# Man Made reef ? for ya



## realspeed (Jul 22, 2009)

On average how long does one need to be in the water before if is considered established? just curious


----------



## X-Shark (Oct 3, 2007)

The longer the better, but I've seen bait fish on them in the first week.



Generally 6mon's to a year.


----------



## WW2 (Sep 28, 2007)

I fished one after 6 months and while it produced it didn't produce nearly as well as it did at a year or year and a half.


----------



## ryanbr (Oct 10, 2007)

General rule years ago was not to touch it for a year. But I have heard of things not producing for a couple of years. If you expected to put it down this year and live off it the same year, good luck. By the way, what was it? Some guys are trying to get away cheap(easy) and it usually doesn't work out so well.

Chris


----------



## JoeZ (Sep 30, 2007)

Life will show within hours in the form of bait fish just stopping by to see what it is.

Real resident life will take about 2-3 months in growth on the structure. That growth keeps the bait there.
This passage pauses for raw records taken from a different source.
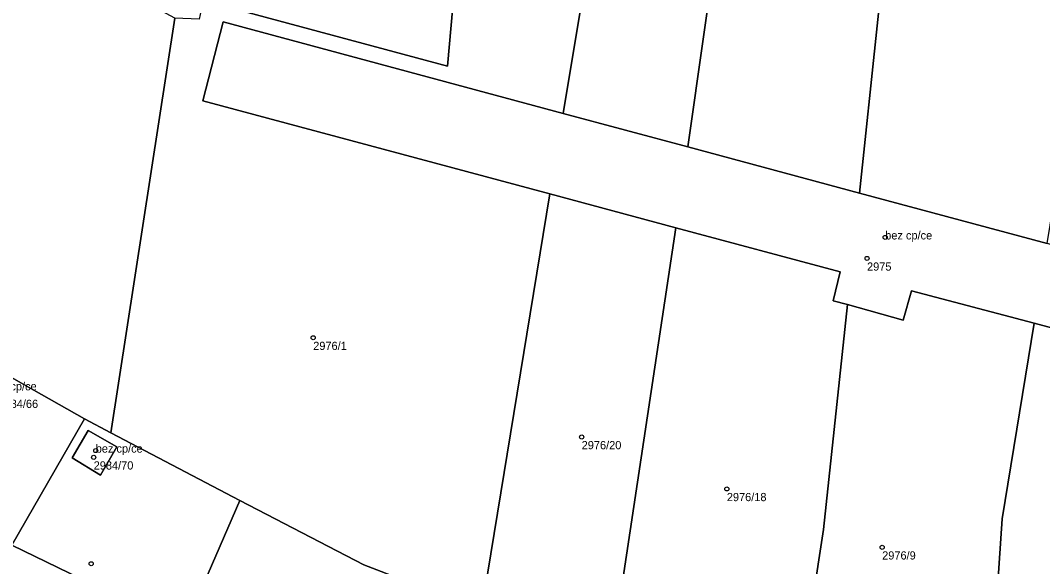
# Model space of a CAD drawing. Extents: x -878211 to -870363, y -1058464 to -1052522.
# Drawn here: x -873357.8 to -873233.3, y -1056087.5 to -1056021 of the extents above; entities that cross this region are included whole.
import ezdxf

# ---------------------------------------------------------------- set-up
doc = ezdxf.new("R2010")
doc.units = 0
for name, color, linetype in [('Vrstva 50', 7, 'Continuous'), ('Vrstva 51', 7, 'Continuous'), ('Vrstva 52', 7, 'Continuous')]:
    doc.layers.add(name, color=color, linetype=linetype)

msp = doc.modelspace()

# ---------------------------------------------------------------- linework, layer by layer
at = {"layer": 'Vrstva 50'}
for centre in [(-873252.45, -1056047.37994), (-873254.66, -1056049.93994), (-873322.12, -1056059.59994), (-873289.42, -1056071.68994), (-873348.86, -1056074.15994), (-873348.61, -1056073.33994), (-873271.74, -1056078.00994), (-873252.82, -1056085.11994), (-873349.16, -1056087.11994)]:
    msp.add_circle(centre, 0.25, dxfattribs=at)
at = {"layer": 'Vrstva 51'}
for points in [[(-873318.27, -1055935.12), (-873335.54, -1056018.53), (-873305.75, -1056026.51), (-873302.26, -1055987.38), (-873293.33, -1055944.95)], [(-873333.09, -1056021.11), (-873291.67, -1056032.28), (-873279.01, -1055956.19), (-873278.12, -1055950.93), (-873293.33, -1055944.95), (-873302.26, -1055987.38), (-873305.75, -1056026.51), (-873335.54, -1056018.53), (-873336, -1056020.81), (-873338.98, -1056020.68), (-873346.78, -1056071.17), (-873331.06, -1056079.42), (-873315.95, -1056087.25), (-873311.01, -1056089.16), (-873306.55, -1056090.87), (-873301.67, -1056093.08), (-873293.3, -1056042.09), (-873335.55, -1056030.74)], [(-873242.2, -1055961.87), (-873262.89, -1055955.57), (-873264.24, -1055961.22), (-873268.73, -1055981.87), (-873276.51, -1056036.37), (-873255.6, -1056042.01), (-873251.26, -1056001.19), (-873249.24, -1055986.01)], [(-873422.69, -1056031.38), (-873418.27, -1056033.17), (-873411.98, -1056036.95), (-873406.26, -1056039.94), (-873391.99, -1056047.4), (-873370.31, -1056057.99), (-873349.99, -1056069.49), (-873346.78, -1056071.17), (-873338.98, -1056020.68), (-873404.93, -1055985.24), (-873484.29, -1055957.15), (-873490.94, -1056014.57), (-873481.86, -1056016.97), (-873478.93, -1056017.14), (-873462.56, -1056021.67), (-873456.37, -1056022.93), (-873434.77, -1056027.26), (-873432.72, -1056027.9)], [(-873291.67, -1056032.28), (-873276.51, -1056036.37), (-873268.73, -1055981.87), (-873264.24, -1055961.22), (-873279.01, -1055956.19)], [(-873218.66, -1055969.11), (-873242.2, -1055961.87), (-873249.24, -1055986.01), (-873251.26, -1056001.19), (-873255.6, -1056042.01), (-873232.73, -1056048.14), (-873224.62, -1055998.43)], [(-873173.72, -1056064.03), (-873187.14, -1056060.35), (-873202.57, -1056056.21), (-873232.73, -1056048.14), (-873255.6, -1056042.01), (-873276.51, -1056036.37), (-873291.67, -1056032.28), (-873333.09, -1056021.11), (-873335.55, -1056030.74), (-873293.3, -1056042.09), (-873277.94, -1056046.21), (-873257.93, -1056051.59), (-873258.79, -1056055.12), (-873257.04, -1056055.54), (-873250.26, -1056057.44), (-873249.24, -1056053.87), (-873234.31, -1056057.82), (-873203.91, -1056065.98), (-873188.66, -1056070.07), (-873175.46, -1056073.68), (-873171.34, -1056074.79), (-873168.86, -1056065.36)], [(-873288.21, -1056099.16), (-873286.08, -1056100.1), (-873277.94, -1056046.21), (-873293.3, -1056042.09), (-873301.67, -1056093.08)], [(-873286.08, -1056100.1), (-873265.22, -1056109.34), (-873264.07, -1056109.68), (-873259.95, -1056082.97), (-873257.04, -1056055.54), (-873258.79, -1056055.12), (-873257.93, -1056051.59), (-873277.94, -1056046.21)], [(-873264.07, -1056109.68), (-873240.67, -1056118.23), (-873238.19, -1056081.64), (-873234.31, -1056057.82), (-873249.24, -1056053.87), (-873250.26, -1056057.44), (-873257.04, -1056055.54), (-873259.95, -1056082.97)], [(-873358.84, -1056084.87), (-873349.99, -1056069.49), (-873370.31, -1056057.99), (-873378.35, -1056075.24)], [(-873240.67, -1056118.23), (-873225.05, -1056124.01), (-873212.37, -1056127.9), (-873203.91, -1056065.98), (-873234.31, -1056057.82), (-873238.19, -1056081.64)], [(-873337.83, -1056095.04), (-873331.06, -1056079.42), (-873346.78, -1056071.17), (-873349.99, -1056069.49), (-873358.84, -1056084.87)], [(-873348.01, -1056076.33), (-873346.03, -1056072.9), (-873349.52, -1056070.88), (-873351.46, -1056074.24)], [(-873348.01, -1056076.33), (-873351.46, -1056074.24), (-873349.52, -1056070.88), (-873346.03, -1056072.9)], [(-873315.24, -1056105.68), (-873311.01, -1056089.16), (-873315.95, -1056087.25), (-873331.06, -1056079.42), (-873337.83, -1056095.04)]]:
    msp.add_lwpolyline(points, close=True, dxfattribs=at)
msp.add_lwpolyline([(-873358.95, -1056151.09), (-873357.25, -1056132.82), (-873355.68, -1056132.36), (-873352.16, -1056133.09), (-873333.51, -1056140.43), (-873313.43, -1056149.01), (-873310.74, -1056150.17), (-873310.23, -1056146.89), (-873312.65, -1056145.88), (-873335.8, -1056135.91), (-873356.11, -1056127.09), (-873356.7, -1056124.46), (-873354.85, -1056108.87), (-873352.99, -1056093.84), (-873352.25, -1056093.3), (-873351.24, -1056093.47), (-873348.34, -1056094.46), (-873329.11, -1056103.18), (-873305.26, -1056114.95), (-873304.57, -1056110.73), (-873315.24, -1056105.68), (-873337.83, -1056095.04), (-873358.84, -1056084.87)], dxfattribs=at)
at = {"layer": 'Vrstva 52'}
for points in [[(-873335.55, -1056030.74), (-873293.3, -1056042.09), (-873277.94, -1056046.21), (-873257.93, -1056051.59), (-873258.79, -1056055.12), (-873257.04, -1056055.54), (-873250.26, -1056057.44), (-873249.24, -1056053.87), (-873234.31, -1056057.82), (-873203.91, -1056065.98), (-873188.66, -1056070.07), (-873175.46, -1056073.68), (-873171.34, -1056074.79), (-873168.86, -1056065.36), (-873173.72, -1056064.03), (-873187.14, -1056060.35), (-873202.57, -1056056.21), (-873232.73, -1056048.14), (-873255.6, -1056042.01), (-873276.51, -1056036.37), (-873291.67, -1056032.28), (-873333.09, -1056021.11)], [(-873346.03, -1056072.9), (-873349.52, -1056070.88), (-873351.46, -1056074.24), (-873348.01, -1056076.33)]]:
    msp.add_lwpolyline(points, close=True, dxfattribs=at)

# ---------------------------------------------------------------- texts
at = {"layer": 'Vrstva 50'}
for s, p in [('bez cp/ce', (-873252.45, -1056047.629)), ('2975', (-873254.66, -1056051.429)), ('2976/1', (-873322.12, -1056061.089)), ('bez cp/ce', (-873361.53, -1056066.01)), ('2984/66', (-873360.46, -1056068.149)), ('bez cp/ce', (-873348.61, -1056073.59)), ('2976/20', (-873289.42, -1056073.179)), ('2984/70', (-873348.86, -1056075.649)), ('2976/18', (-873271.74, -1056079.499)), ('2976/9', (-873252.82, -1056086.609))]:
    msp.add_text(s, height=0.999996, dxfattribs=at).set_placement(p)

doc.saveas('drawing.dxf')

4-6 months brings juvenile snapper and grouper to eat some bait. 

6-12 is when you see the bigger fish -- still not jumbos -- move in.

Jumbos, I believe, are raised on a reef. They find it as a juvy, hang there and dominate the other area fish. They are more aggressive, eat more and reproduce more. They come to rule a reef and might share it with one or two other large fish.

Now, they do move from spot to spot within their range (depending on season) but they know where home is.


----------